*** Opening SOURCE MATERIAL ***

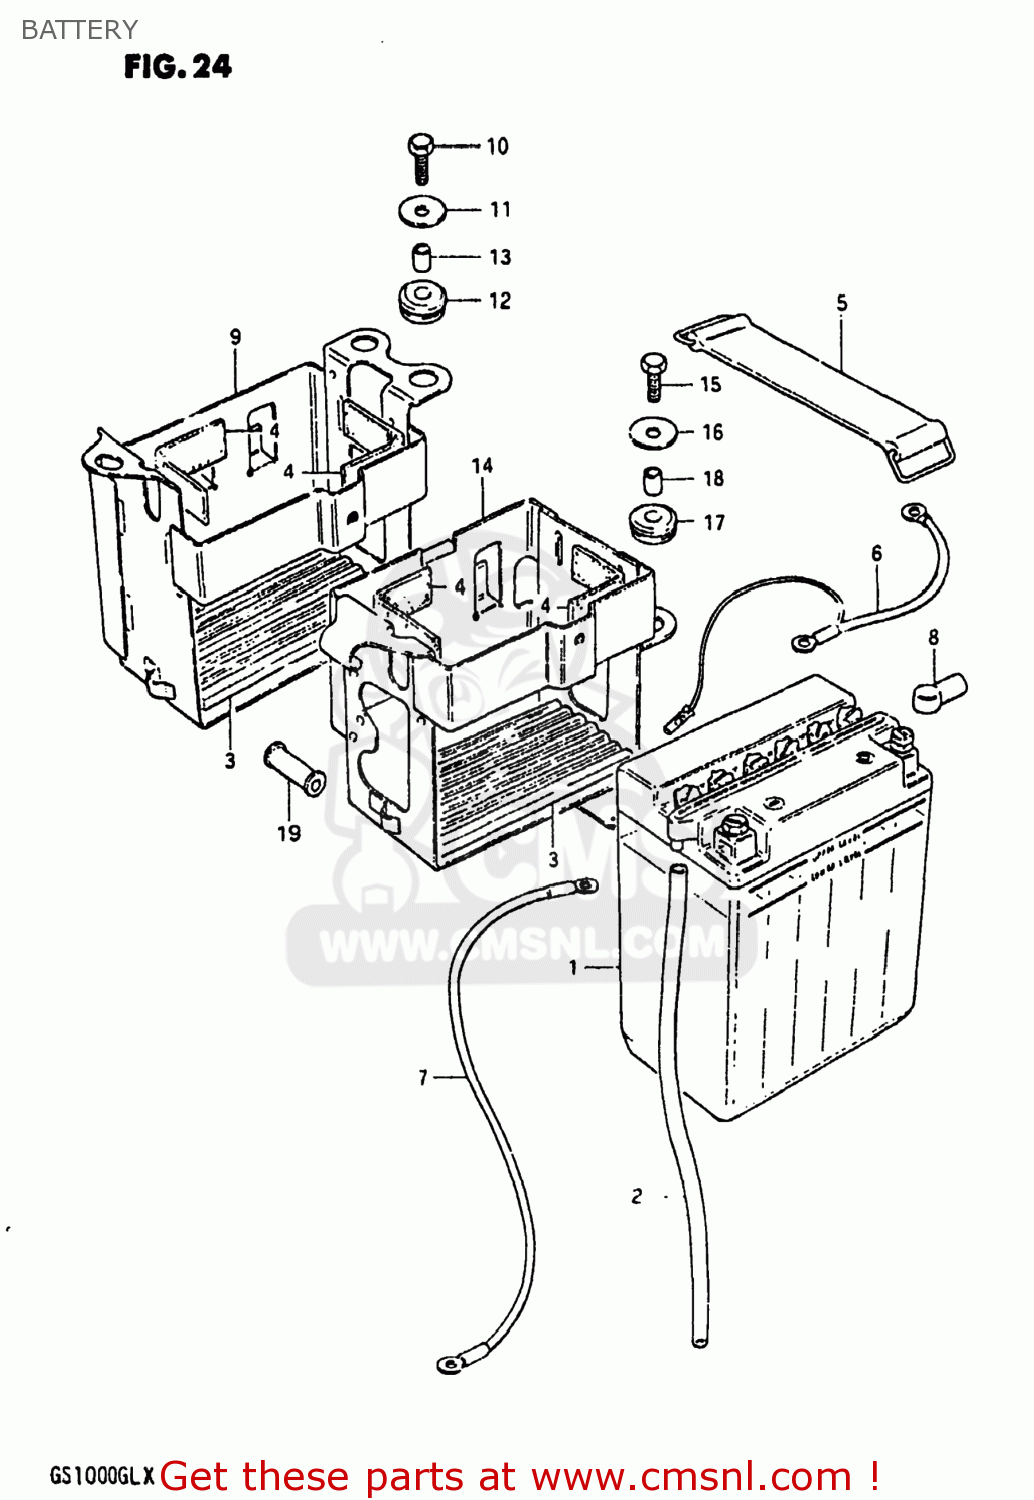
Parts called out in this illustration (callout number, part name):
1	BATTERY ASSY (12V)
2	HOSE,BATTERY EXHAUST
3	PROTECTOR,BATTERY
4	PROTECTOR(20X90)X4
5	BAND
6	WIRE,BATTERY PLUS
7	LEAD WIRE,BATTERY(-)
8	CAP,TERMINAL
9	HOLDER,BATTERY
10	BOLT, UPPER
11	WASHER
12	CUSHION
13	SPACER(6.2X8.3X5.7)
14	HOLDER,BATTERY
15	BOLT, UPPER
16	WASHER(6,5X22X1.6)
17	CUSHION
18	SPACER(6.2X8.3X5.7)
19	CUSHION
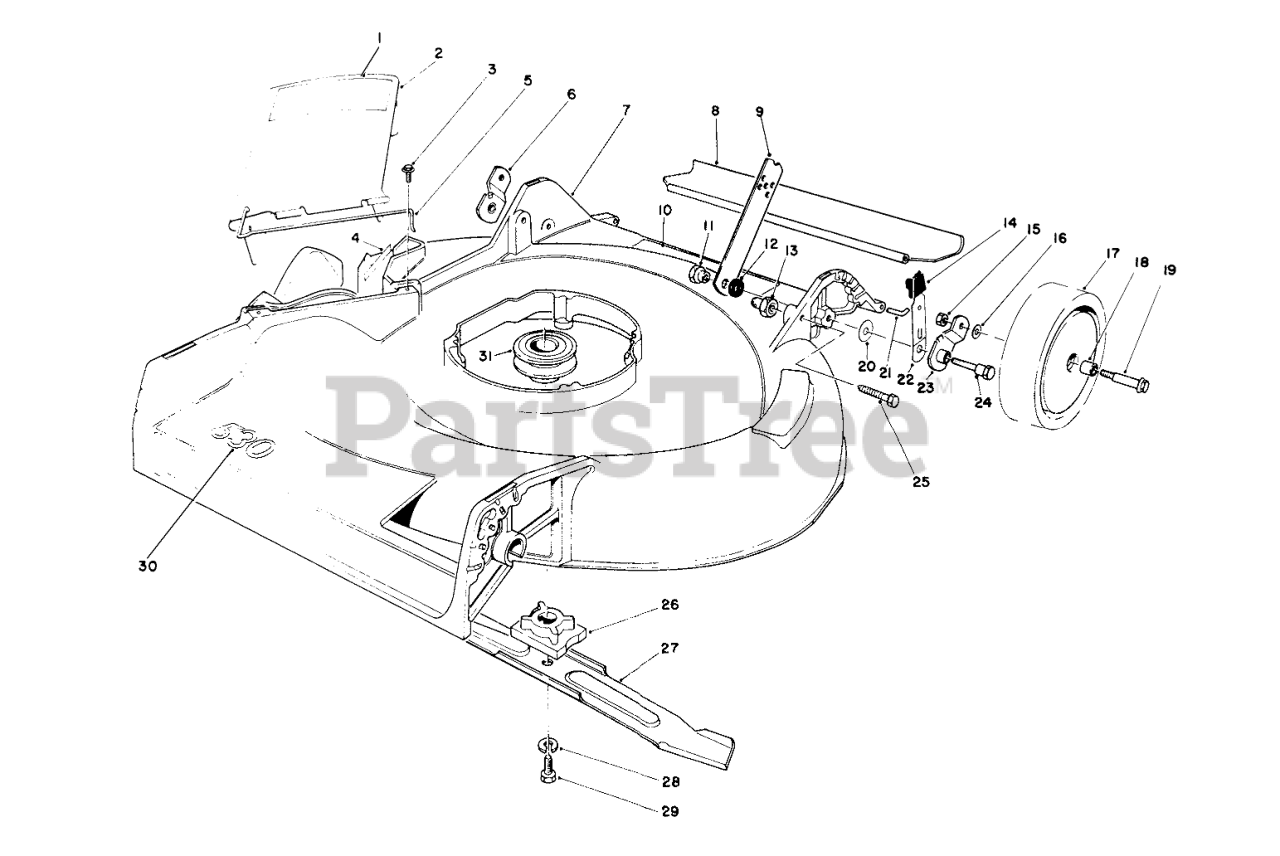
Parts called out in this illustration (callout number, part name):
1	DANGER DECAL
2	Deflector Assembly (Incl. Ref. #1 & 5)
3	SCREW-HWH
4	Decal-Danger
5	SPRING HINGE
6	Pivot Arm
7	Housing
8	REAR SAFETY SHIELD 21
9	HANDLE LATCH
10	DECAL-DANGER
11	HANDLE PIVOT NUT
12	SPACER
13	HANDLE PIVOT NUT
14	KNOB-ARM
15	NUT-LOCK
16	WASHER
17	Wheel 8 Tire Assembly (Incl. Ref. #18)
18	BUSHING
19	WHEEL BOLT
20	WASHER-PIVOT
21	SHIELD ROD
22	SPRING ARM ASM
23	Pivot Arm
24	PIVOT SCREW
25	SCREW-HH
26	BLADE RETAINER
27	Blade
28	WASHER-LOCK
29	SCREW-HH
30	Decal-530
31	PULLEY-DRIVER
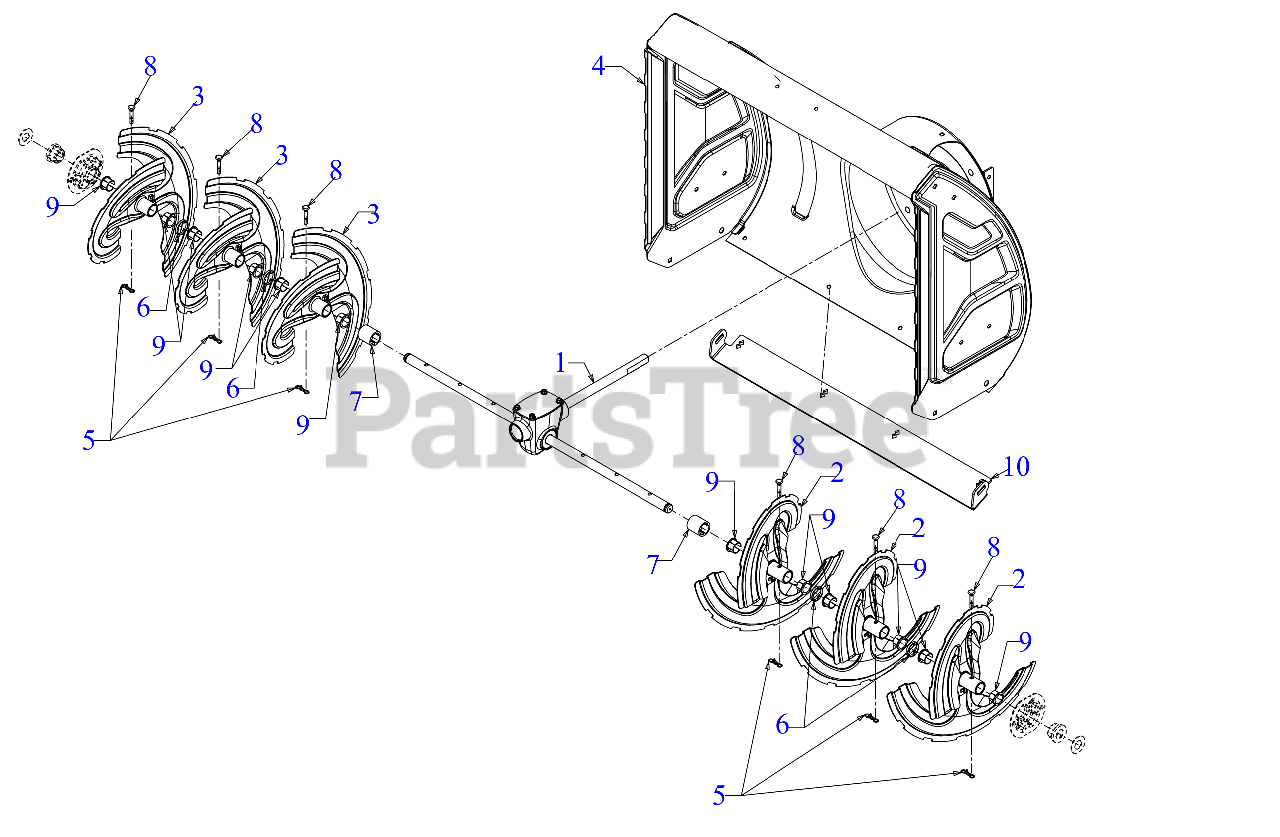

*** Closing SOURCE MATERIAL ***

PROBLEM TO WORK ON - Your answer must be an exact copy of the records, without the pictures.

RESPONSE TO THIS TASK -
Parts called out in this illustration (callout number, part name):
1	BATTERY ASSY (12V)
2	HOSE,BATTERY EXHAUST
3	PROTECTOR,BATTERY
4	PROTECTOR(20X90)X4
5	BAND
6	WIRE,BATTERY PLUS
7	LEAD WIRE,BATTERY(-)
8	CAP,TERMINAL
9	HOLDER,BATTERY
10	BOLT, UPPER
11	WASHER
12	CUSHION
13	SPACER(6.2X8.3X5.7)
14	HOLDER,BATTERY
15	BOLT, UPPER
16	WASHER(6,5X22X1.6)
17	CUSHION
18	SPACER(6.2X8.3X5.7)
19	CUSHION
Parts called out in this illustration (callout number, part name):
1	DANGER DECAL
2	Deflector Assembly (Incl. Ref. #1 & 5)
3	SCREW-HWH
4	Decal-Danger
5	SPRING HINGE
6	Pivot Arm
7	Housing
8	REAR SAFETY SHIELD 21
9	HANDLE LATCH
10	DECAL-DANGER
11	HANDLE PIVOT NUT
12	SPACER
13	HANDLE PIVOT NUT
14	KNOB-ARM
15	NUT-LOCK
16	WASHER
17	Wheel 8 Tire Assembly (Incl. Ref. #18)
18	BUSHING
19	WHEEL BOLT
20	WASHER-PIVOT
21	SHIELD ROD
22	SPRING ARM ASM
23	Pivot Arm
24	PIVOT SCREW
25	SCREW-HH
26	BLADE RETAINER
27	Blade
28	WASHER-LOCK
29	SCREW-HH
30	Decal-530
31	PULLEY-DRIVER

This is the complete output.